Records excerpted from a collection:
::::

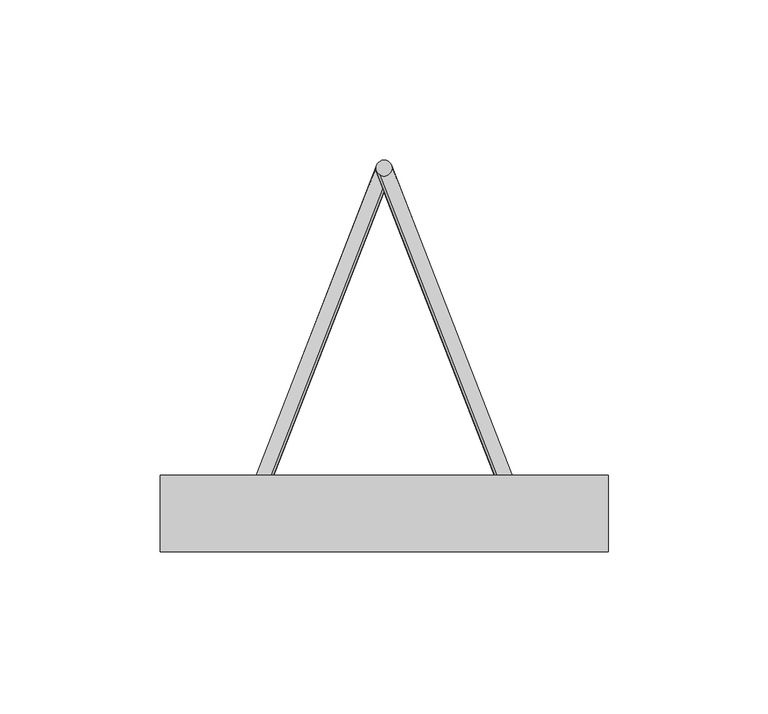
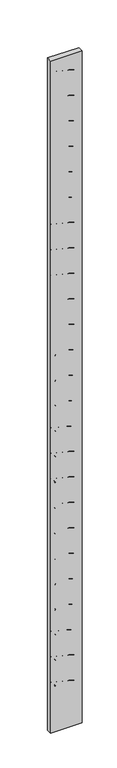
"""IFC4 building model written with IfcOpenShell, lengths in millimetres: proxy geometry, Vigota 2 (Pano 4) (Mf = 837)."""

from ifc_helpers import new_model, si_unit, point, frame, frame_2d, origin, origin_with_axes, origin_2d, place, context, project, spatial, polyline, circle_curve, trimmed, segment, composite_curve, outline, extrude, source, transform, mapped, element, save


def structural_framing_67343a58(model_context):
    return source(origin(), model_context, "Body", "SweptSolid", [
        extrude(outline(polyline([(-70.0, 12.0), (70.0, 12.0), (70.0, -12.0), (-70.0, -12.0), (-70.0, 12.0)])), origin_with_axes(), (0.0, 0.0, 1.0), 3170.0),
        extrude(outline(composite_curve([segment(trimmed(circle_curve(frame_2d((42.0, 0.0)), 2.5), [point((44.5, 0.0))], [point((39.5, 0.0))], False, "CARTESIAN"), True, "CONTINUOUS"), segment(trimmed(circle_curve(frame_2d((42.0, 0.0)), 2.5), [point((39.5, 0.0))], [point((44.5, 0.0))], False, "CARTESIAN"), True, "CONTINUOUS")], self_intersect=False)), frame((0.0, 0.0, 28.0), z_axis=(0.0, 0.0, 1.0), x_axis=(1.0, 0.0, 0.0)), (0.0, 0.0, 1.0), 3114.0),
        extrude(outline(composite_curve([segment(trimmed(circle_curve(frame_2d((0.0, 108.0)), 2.5), [point((2.5, 108.0))], [point((-2.5, 108.0))], False, "CARTESIAN"), True, "CONTINUOUS"), segment(trimmed(circle_curve(frame_2d((0.0, 108.0)), 2.5), [point((-2.5, 108.0))], [point((2.5, 108.0))], False, "CARTESIAN"), True, "CONTINUOUS")], self_intersect=False)), frame((0.0, 0.0, 95.0), z_axis=(0.0, 0.0, 1.0), x_axis=(1.0, 0.0, 0.0)), (0.0, 0.0, 1.0), 2980.0),
        extrude(outline(composite_curve([segment(trimmed(circle_curve(origin_2d(), 2.5), [point((2.5, 0.0))], [point((-2.5, 0.0))], False, "CARTESIAN"), True, "CONTINUOUS"), segment(trimmed(circle_curve(origin_2d(), 2.5), [point((-2.5, 0.0))], [point((2.5, 0.0))], False, "CARTESIAN"), True, "CONTINUOUS")], self_intersect=False)), frame((42.0, 0.0, 85.0), z_axis=(-0.3218603428886276, 0.8276408817707567, 0.4598004898837537), x_axis=(0.8192319205108605, -3.936835275445103e-11, 0.5734623443750141)), (0.0, 0.0, 1.0), 130.491379),
        extrude(outline(composite_curve([segment(trimmed(circle_curve(origin_2d(), 2.5), [point((2.5, 0.0))], [point((-2.5, 0.0))], False, "CARTESIAN"), True, "CONTINUOUS"), segment(trimmed(circle_curve(origin_2d(), 2.5), [point((-2.5, 0.0))], [point((2.5, 0.0))], False, "CARTESIAN"), True, "CONTINUOUS")], self_intersect=False)), frame((0.0, 108.0, 145.0), z_axis=(0.3218603428886276, -0.8276408817707567, 0.4598004898837537), x_axis=(0.8192319205108605, -3.936835275445103e-11, -0.5734623443750141)), (0.0, 0.0, 1.0), 130.491379),
        extrude(outline(composite_curve([segment(trimmed(circle_curve(origin_2d(), 2.5), [point((2.5, 0.0))], [point((-2.5, 0.0))], False, "CARTESIAN"), True, "CONTINUOUS"), segment(trimmed(circle_curve(origin_2d(), 2.5), [point((-2.5, 0.0))], [point((2.5, 0.0))], False, "CARTESIAN"), True, "CONTINUOUS")], self_intersect=False)), frame((42.0, 0.0, 205.0), z_axis=(-0.3218603428886276, 0.8276408817707567, 0.4598004898837537), x_axis=(0.8192319205108605, -3.936835275445103e-11, 0.5734623443750141)), (0.0, 0.0, 1.0), 130.491379),
        extrude(outline(composite_curve([segment(trimmed(circle_curve(origin_2d(), 2.5), [point((2.5, 0.0))], [point((-2.5, 0.0))], False, "CARTESIAN"), True, "CONTINUOUS"), segment(trimmed(circle_curve(origin_2d(), 2.5), [point((-2.5, 0.0))], [point((2.5, 0.0))], False, "CARTESIAN"), True, "CONTINUOUS")], self_intersect=False)), frame((0.0, 108.0, 265.0), z_axis=(0.3218603428886276, -0.8276408817707567, 0.4598004898837537), x_axis=(0.8192319205108605, -3.936835275445103e-11, -0.5734623443750141)), (0.0, 0.0, 1.0), 130.491379),
        extrude(outline(composite_curve([segment(trimmed(circle_curve(origin_2d(), 2.5), [point((2.5, 0.0))], [point((-2.5, 0.0))], False, "CARTESIAN"), True, "CONTINUOUS"), segment(trimmed(circle_curve(origin_2d(), 2.5), [point((-2.5, 0.0))], [point((2.5, 0.0))], False, "CARTESIAN"), True, "CONTINUOUS")], self_intersect=False)), frame((42.0, 0.0, 325.0), z_axis=(-0.3218603428886276, 0.8276408817707567, 0.4598004898837537), x_axis=(0.8192319205108605, -3.936835275445103e-11, 0.5734623443750141)), (0.0, 0.0, 1.0), 130.491379),
        extrude(outline(composite_curve([segment(trimmed(circle_curve(origin_2d(), 2.5), [point((2.5, 0.0))], [point((-2.5, 0.0))], False, "CARTESIAN"), True, "CONTINUOUS"), segment(trimmed(circle_curve(origin_2d(), 2.5), [point((-2.5, 0.0))], [point((2.5, 0.0))], False, "CARTESIAN"), True, "CONTINUOUS")], self_intersect=False)), frame((0.0, 108.0, 385.0), z_axis=(0.3218603428886276, -0.8276408817707567, 0.4598004898837537), x_axis=(0.8192319205108605, -3.936835275445103e-11, -0.5734623443750141)), (0.0, 0.0, 1.0), 130.491379),
        extrude(outline(composite_curve([segment(trimmed(circle_curve(origin_2d(), 2.5), [point((2.5, 0.0))], [point((-2.5, 0.0))], False, "CARTESIAN"), True, "CONTINUOUS"), segment(trimmed(circle_curve(origin_2d(), 2.5), [point((-2.5, 0.0))], [point((2.5, 0.0))], False, "CARTESIAN"), True, "CONTINUOUS")], self_intersect=False)), frame((42.0, 0.0, 445.0), z_axis=(-0.3218603428886276, 0.8276408817707567, 0.4598004898837537), x_axis=(0.8192319205108605, -3.936835275445103e-11, 0.5734623443750141)), (0.0, 0.0, 1.0), 130.491379),
        extrude(outline(composite_curve([segment(trimmed(circle_curve(origin_2d(), 2.5), [point((2.5, 0.0))], [point((-2.5, 0.0))], False, "CARTESIAN"), True, "CONTINUOUS"), segment(trimmed(circle_curve(origin_2d(), 2.5), [point((-2.5, 0.0))], [point((2.5, 0.0))], False, "CARTESIAN"), True, "CONTINUOUS")], self_intersect=False)), frame((0.0, 108.0, 505.0), z_axis=(0.3218603428886276, -0.8276408817707567, 0.4598004898837537), x_axis=(0.8192319205108605, -3.936835275445103e-11, -0.5734623443750141)), (0.0, 0.0, 1.0), 130.491379),
        extrude(outline(composite_curve([segment(trimmed(circle_curve(origin_2d(), 2.5), [point((2.5, 0.0))], [point((-2.5, 0.0))], False, "CARTESIAN"), True, "CONTINUOUS"), segment(trimmed(circle_curve(origin_2d(), 2.5), [point((-2.5, 0.0))], [point((2.5, 0.0))], False, "CARTESIAN"), True, "CONTINUOUS")], self_intersect=False)), frame((42.0, 0.0, 565.0), z_axis=(-0.3218603428886276, 0.8276408817707567, 0.4598004898837537), x_axis=(0.8192319205108605, -3.936835275445103e-11, 0.5734623443750141)), (0.0, 0.0, 1.0), 130.491379),
        extrude(outline(composite_curve([segment(trimmed(circle_curve(origin_2d(), 2.5), [point((2.5, 0.0))], [point((-2.5, 0.0))], False, "CARTESIAN"), True, "CONTINUOUS"), segment(trimmed(circle_curve(origin_2d(), 2.5), [point((-2.5, 0.0))], [point((2.5, 0.0))], False, "CARTESIAN"), True, "CONTINUOUS")], self_intersect=False)), frame((0.0, 108.0, 625.0), z_axis=(0.3218603428886276, -0.8276408817707567, 0.4598004898837537), x_axis=(0.8192319205108605, -3.936835275445103e-11, -0.5734623443750141)), (0.0, 0.0, 1.0), 130.491379),
        extrude(outline(composite_curve([segment(trimmed(circle_curve(origin_2d(), 2.5), [point((2.5, 0.0))], [point((-2.5, 0.0))], False, "CARTESIAN"), True, "CONTINUOUS"), segment(trimmed(circle_curve(origin_2d(), 2.5), [point((-2.5, 0.0))], [point((2.5, 0.0))], False, "CARTESIAN"), True, "CONTINUOUS")], self_intersect=False)), frame((42.0, 0.0, 685.0), z_axis=(-0.3218603428886276, 0.8276408817707567, 0.4598004898837537), x_axis=(0.8192319205108605, -3.936835275445103e-11, 0.5734623443750141)), (0.0, 0.0, 1.0), 130.491379),
        extrude(outline(composite_curve([segment(trimmed(circle_curve(origin_2d(), 2.5), [point((2.5, 0.0))], [point((-2.5, 0.0))], False, "CARTESIAN"), True, "CONTINUOUS"), segment(trimmed(circle_curve(origin_2d(), 2.5), [point((-2.5, 0.0))], [point((2.5, 0.0))], False, "CARTESIAN"), True, "CONTINUOUS")], self_intersect=False)), frame((0.0, 108.0, 745.0), z_axis=(0.3218603428886276, -0.8276408817707567, 0.4598004898837537), x_axis=(0.8192319205108605, -3.936835275445103e-11, -0.5734623443750141)), (0.0, 0.0, 1.0), 130.491379),
        extrude(outline(composite_curve([segment(trimmed(circle_curve(origin_2d(), 2.5), [point((2.5, 0.0))], [point((-2.5, 0.0))], False, "CARTESIAN"), True, "CONTINUOUS"), segment(trimmed(circle_curve(origin_2d(), 2.5), [point((-2.5, 0.0))], [point((2.5, 0.0))], False, "CARTESIAN"), True, "CONTINUOUS")], self_intersect=False)), frame((42.0, 0.0, 805.0), z_axis=(-0.3218603428886276, 0.8276408817707567, 0.4598004898837537), x_axis=(0.8192319205108605, -3.936835275445103e-11, 0.5734623443750141)), (0.0, 0.0, 1.0), 130.491379),
        extrude(outline(composite_curve([segment(trimmed(circle_curve(origin_2d(), 2.5), [point((2.5, 0.0))], [point((-2.5, 0.0))], False, "CARTESIAN"), True, "CONTINUOUS"), segment(trimmed(circle_curve(origin_2d(), 2.5), [point((-2.5, 0.0))], [point((2.5, 0.0))], False, "CARTESIAN"), True, "CONTINUOUS")], self_intersect=False)), frame((0.0, 108.0, 865.0), z_axis=(0.3218603428886276, -0.8276408817707567, 0.4598004898837537), x_axis=(0.8192319205108605, -3.936835275445103e-11, -0.5734623443750141)), (0.0, 0.0, 1.0), 130.491379),
        extrude(outline(composite_curve([segment(trimmed(circle_curve(origin_2d(), 2.5), [point((2.5, 0.0))], [point((-2.5, 0.0))], False, "CARTESIAN"), True, "CONTINUOUS"), segment(trimmed(circle_curve(origin_2d(), 2.5), [point((-2.5, 0.0))], [point((2.5, 0.0))], False, "CARTESIAN"), True, "CONTINUOUS")], self_intersect=False)), frame((42.0, 0.0, 925.0), z_axis=(-0.3218603428886276, 0.8276408817707567, 0.4598004898837537), x_axis=(0.8192319205108605, -3.936835275445103e-11, 0.5734623443750141)), (0.0, 0.0, 1.0), 130.491379),
        extrude(outline(composite_curve([segment(trimmed(circle_curve(origin_2d(), 2.5), [point((2.5, 0.0))], [point((-2.5, 0.0))], False, "CARTESIAN"), True, "CONTINUOUS"), segment(trimmed(circle_curve(origin_2d(), 2.5), [point((-2.5, 0.0))], [point((2.5, 0.0))], False, "CARTESIAN"), True, "CONTINUOUS")], self_intersect=False)), frame((0.0, 108.0, 985.0), z_axis=(0.3218603428886276, -0.8276408817707567, 0.4598004898837537), x_axis=(0.8192319205108605, -3.936835275445103e-11, -0.5734623443750141)), (0.0, 0.0, 1.0), 130.491379),
        extrude(outline(composite_curve([segment(trimmed(circle_curve(origin_2d(), 2.5), [point((2.5, 0.0))], [point((-2.5, 0.0))], False, "CARTESIAN"), True, "CONTINUOUS"), segment(trimmed(circle_curve(origin_2d(), 2.5), [point((-2.5, 0.0))], [point((2.5, 0.0))], False, "CARTESIAN"), True, "CONTINUOUS")], self_intersect=False)), frame((42.0, 0.0, 1045.0), z_axis=(-0.3218603428886276, 0.8276408817707567, 0.4598004898837537), x_axis=(0.8192319205108605, -3.936835275445103e-11, 0.5734623443750141)), (0.0, 0.0, 1.0), 130.491379),
        extrude(outline(composite_curve([segment(trimmed(circle_curve(origin_2d(), 2.5), [point((2.5, 0.0))], [point((-2.5, 0.0))], False, "CARTESIAN"), True, "CONTINUOUS"), segment(trimmed(circle_curve(origin_2d(), 2.5), [point((-2.5, 0.0))], [point((2.5, 0.0))], False, "CARTESIAN"), True, "CONTINUOUS")], self_intersect=False)), frame((0.0, 108.0, 1105.0), z_axis=(0.3218603428886276, -0.8276408817707567, 0.4598004898837537), x_axis=(0.8192319205108605, -3.936835275445103e-11, -0.5734623443750141)), (0.0, 0.0, 1.0), 130.491379),
        extrude(outline(composite_curve([segment(trimmed(circle_curve(origin_2d(), 2.5), [point((2.5, 0.0))], [point((-2.5, 0.0))], False, "CARTESIAN"), True, "CONTINUOUS"), segment(trimmed(circle_curve(origin_2d(), 2.5), [point((-2.5, 0.0))], [point((2.5, 0.0))], False, "CARTESIAN"), True, "CONTINUOUS")], self_intersect=False)), frame((42.0, 0.0, 1165.0), z_axis=(-0.3218603428886276, 0.8276408817707567, 0.4598004898837537), x_axis=(0.8192319205108605, -3.936835275445103e-11, 0.5734623443750141)), (0.0, 0.0, 1.0), 130.491379),
        extrude(outline(composite_curve([segment(trimmed(circle_curve(origin_2d(), 2.5), [point((2.5, 0.0))], [point((-2.5, 0.0))], False, "CARTESIAN"), True, "CONTINUOUS"), segment(trimmed(circle_curve(origin_2d(), 2.5), [point((-2.5, 0.0))], [point((2.5, 0.0))], False, "CARTESIAN"), True, "CONTINUOUS")], self_intersect=False)), frame((0.0, 108.0, 1225.0), z_axis=(0.3218603428886276, -0.8276408817707567, 0.4598004898837537), x_axis=(0.8192319205108605, -3.936835275445103e-11, -0.5734623443750141)), (0.0, 0.0, 1.0), 130.491379),
        extrude(outline(composite_curve([segment(trimmed(circle_curve(origin_2d(), 2.5), [point((2.5, 0.0))], [point((-2.5, 0.0))], False, "CARTESIAN"), True, "CONTINUOUS"), segment(trimmed(circle_curve(origin_2d(), 2.5), [point((-2.5, 0.0))], [point((2.5, 0.0))], False, "CARTESIAN"), True, "CONTINUOUS")], self_intersect=False)), frame((42.0, 0.0, 1285.0), z_axis=(-0.3218603428886276, 0.8276408817707567, 0.4598004898837537), x_axis=(0.8192319205108605, -3.936835275445103e-11, 0.5734623443750141)), (0.0, 0.0, 1.0), 130.491379),
        extrude(outline(composite_curve([segment(trimmed(circle_curve(origin_2d(), 2.5), [point((2.5, 0.0))], [point((-2.5, 0.0))], False, "CARTESIAN"), True, "CONTINUOUS"), segment(trimmed(circle_curve(origin_2d(), 2.5), [point((-2.5, 0.0))], [point((2.5, 0.0))], False, "CARTESIAN"), True, "CONTINUOUS")], self_intersect=False)), frame((0.0, 108.0, 1345.0), z_axis=(0.3218603428886276, -0.8276408817707567, 0.4598004898837537), x_axis=(0.8192319205108605, -3.936835275445103e-11, -0.5734623443750141)), (0.0, 0.0, 1.0), 130.491379),
        extrude(outline(composite_curve([segment(trimmed(circle_curve(origin_2d(), 2.5), [point((2.5, 0.0))], [point((-2.5, 0.0))], False, "CARTESIAN"), True, "CONTINUOUS"), segment(trimmed(circle_curve(origin_2d(), 2.5), [point((-2.5, 0.0))], [point((2.5, 0.0))], False, "CARTESIAN"), True, "CONTINUOUS")], self_intersect=False)), frame((42.0, 0.0, 1405.0), z_axis=(-0.3218603428886276, 0.8276408817707567, 0.4598004898837537), x_axis=(0.8192319205108605, -3.936835275445103e-11, 0.5734623443750141)), (0.0, 0.0, 1.0), 130.491379),
        extrude(outline(composite_curve([segment(trimmed(circle_curve(origin_2d(), 2.5), [point((2.5, 0.0))], [point((-2.5, 0.0))], False, "CARTESIAN"), True, "CONTINUOUS"), segment(trimmed(circle_curve(origin_2d(), 2.5), [point((-2.5, 0.0))], [point((2.5, 0.0))], False, "CARTESIAN"), True, "CONTINUOUS")], self_intersect=False)), frame((0.0, 108.0, 1465.0), z_axis=(0.3218603428886276, -0.8276408817707567, 0.4598004898837537), x_axis=(0.8192319205108605, -3.936835275445103e-11, -0.5734623443750141)), (0.0, 0.0, 1.0), 130.491379),
        extrude(outline(composite_curve([segment(trimmed(circle_curve(origin_2d(), 2.5), [point((2.5, 0.0))], [point((-2.5, 0.0))], False, "CARTESIAN"), True, "CONTINUOUS"), segment(trimmed(circle_curve(origin_2d(), 2.5), [point((-2.5, 0.0))], [point((2.5, 0.0))], False, "CARTESIAN"), True, "CONTINUOUS")], self_intersect=False)), frame((42.0, 0.0, 1525.0), z_axis=(-0.3218603428886276, 0.8276408817707567, 0.4598004898837537), x_axis=(0.8192319205108605, -3.936835275445103e-11, 0.5734623443750141)), (0.0, 0.0, 1.0), 130.491379),
        extrude(outline(composite_curve([segment(trimmed(circle_curve(origin_2d(), 2.5), [point((2.5, 0.0))], [point((-2.5, 0.0))], False, "CARTESIAN"), True, "CONTINUOUS"), segment(trimmed(circle_curve(origin_2d(), 2.5), [point((-2.5, 0.0))], [point((2.5, 0.0))], False, "CARTESIAN"), True, "CONTINUOUS")], self_intersect=False)), frame((0.0, 108.0, 1585.0), z_axis=(0.3218603428886276, -0.8276408817707567, 0.4598004898837537), x_axis=(0.8192319205108605, -3.936835275445103e-11, -0.5734623443750141)), (0.0, 0.0, 1.0), 130.491379),
        extrude(outline(composite_curve([segment(trimmed(circle_curve(origin_2d(), 2.5), [point((2.5, 0.0))], [point((-2.5, 0.0))], False, "CARTESIAN"), True, "CONTINUOUS"), segment(trimmed(circle_curve(origin_2d(), 2.5), [point((-2.5, 0.0))], [point((2.5, 0.0))], False, "CARTESIAN"), True, "CONTINUOUS")], self_intersect=False)), frame((42.0, 0.0, 1645.0), z_axis=(-0.3218603428886276, 0.8276408817707567, 0.4598004898837537), x_axis=(0.8192319205108605, -3.936835275445103e-11, 0.5734623443750141)), (0.0, 0.0, 1.0), 130.491379),
        extrude(outline(composite_curve([segment(trimmed(circle_curve(origin_2d(), 2.5), [point((2.5, 0.0))], [point((-2.5, 0.0))], False, "CARTESIAN"), True, "CONTINUOUS"), segment(trimmed(circle_curve(origin_2d(), 2.5), [point((-2.5, 0.0))], [point((2.5, 0.0))], False, "CARTESIAN"), True, "CONTINUOUS")], self_intersect=False)), frame((0.0, 108.0, 1705.0), z_axis=(0.3218603428886276, -0.8276408817707567, 0.4598004898837537), x_axis=(0.8192319205108605, -3.936835275445103e-11, -0.5734623443750141)), (0.0, 0.0, 1.0), 130.491379),
        extrude(outline(composite_curve([segment(trimmed(circle_curve(origin_2d(), 2.5), [point((2.5, 0.0))], [point((-2.5, 0.0))], False, "CARTESIAN"), True, "CONTINUOUS"), segment(trimmed(circle_curve(origin_2d(), 2.5), [point((-2.5, 0.0))], [point((2.5, 0.0))], False, "CARTESIAN"), True, "CONTINUOUS")], self_intersect=False)), frame((42.0, 0.0, 1765.0), z_axis=(-0.3218603428886276, 0.8276408817707567, 0.4598004898837537), x_axis=(0.8192319205108605, -3.936835275445103e-11, 0.5734623443750141)), (0.0, 0.0, 1.0), 130.491379),
        extrude(outline(composite_curve([segment(trimmed(circle_curve(origin_2d(), 2.5), [point((2.5, 0.0))], [point((-2.5, 0.0))], False, "CARTESIAN"), True, "CONTINUOUS"), segment(trimmed(circle_curve(origin_2d(), 2.5), [point((-2.5, 0.0))], [point((2.5, 0.0))], False, "CARTESIAN"), True, "CONTINUOUS")], self_intersect=False)), frame((0.0, 108.0, 1825.0), z_axis=(0.3218603428886276, -0.8276408817707567, 0.4598004898837537), x_axis=(0.8192319205108605, -3.936835275445103e-11, -0.5734623443750141)), (0.0, 0.0, 1.0), 130.491379),
        extrude(outline(composite_curve([segment(trimmed(circle_curve(origin_2d(), 2.5), [point((2.5, 0.0))], [point((-2.5, 0.0))], False, "CARTESIAN"), True, "CONTINUOUS"), segment(trimmed(circle_curve(origin_2d(), 2.5), [point((-2.5, 0.0))], [point((2.5, 0.0))], False, "CARTESIAN"), True, "CONTINUOUS")], self_intersect=False)), frame((42.0, 0.0, 1885.0), z_axis=(-0.3218603428886276, 0.8276408817707567, 0.4598004898837537), x_axis=(0.8192319205108605, -3.936835275445103e-11, 0.5734623443750141)), (0.0, 0.0, 1.0), 130.491379),
        extrude(outline(composite_curve([segment(trimmed(circle_curve(origin_2d(), 2.5), [point((2.5, 0.0))], [point((-2.5, 0.0))], False, "CARTESIAN"), True, "CONTINUOUS"), segment(trimmed(circle_curve(origin_2d(), 2.5), [point((-2.5, 0.0))], [point((2.5, 0.0))], False, "CARTESIAN"), True, "CONTINUOUS")], self_intersect=False)), frame((0.0, 108.0, 1945.0), z_axis=(0.3218603428886276, -0.8276408817707567, 0.4598004898837537), x_axis=(0.8192319205108605, -3.936835275445103e-11, -0.5734623443750141)), (0.0, 0.0, 1.0), 130.491379),
        extrude(outline(composite_curve([segment(trimmed(circle_curve(origin_2d(), 2.5), [point((2.5, 0.0))], [point((-2.5, 0.0))], False, "CARTESIAN"), True, "CONTINUOUS"), segment(trimmed(circle_curve(origin_2d(), 2.5), [point((-2.5, 0.0))], [point((2.5, 0.0))], False, "CARTESIAN"), True, "CONTINUOUS")], self_intersect=False)), frame((42.0, 0.0, 2005.0), z_axis=(-0.3218603428886276, 0.8276408817707567, 0.4598004898837537), x_axis=(0.8192319205108605, -3.936835275445103e-11, 0.5734623443750141)), (0.0, 0.0, 1.0), 130.491379),
        extrude(outline(composite_curve([segment(trimmed(circle_curve(origin_2d(), 2.5), [point((2.5, 0.0))], [point((-2.5, 0.0))], False, "CARTESIAN"), True, "CONTINUOUS"), segment(trimmed(circle_curve(origin_2d(), 2.5), [point((-2.5, 0.0))], [point((2.5, 0.0))], False, "CARTESIAN"), True, "CONTINUOUS")], self_intersect=False)), frame((0.0, 108.0, 2065.0), z_axis=(0.3218603428886276, -0.8276408817707567, 0.4598004898837537), x_axis=(0.8192319205108605, -3.936835275445103e-11, -0.5734623443750141)), (0.0, 0.0, 1.0), 130.491379),
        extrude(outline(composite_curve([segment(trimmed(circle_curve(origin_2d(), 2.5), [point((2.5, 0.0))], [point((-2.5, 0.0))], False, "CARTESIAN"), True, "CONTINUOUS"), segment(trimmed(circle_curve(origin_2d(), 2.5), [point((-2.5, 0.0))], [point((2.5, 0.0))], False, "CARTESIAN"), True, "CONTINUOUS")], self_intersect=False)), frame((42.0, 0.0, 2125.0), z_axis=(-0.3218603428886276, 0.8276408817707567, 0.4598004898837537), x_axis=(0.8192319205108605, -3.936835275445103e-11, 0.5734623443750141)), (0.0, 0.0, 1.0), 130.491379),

::::

§ Assignment
Within the data above, how many lines contain the word "polyline"? Write only the number.

§ Completed task
2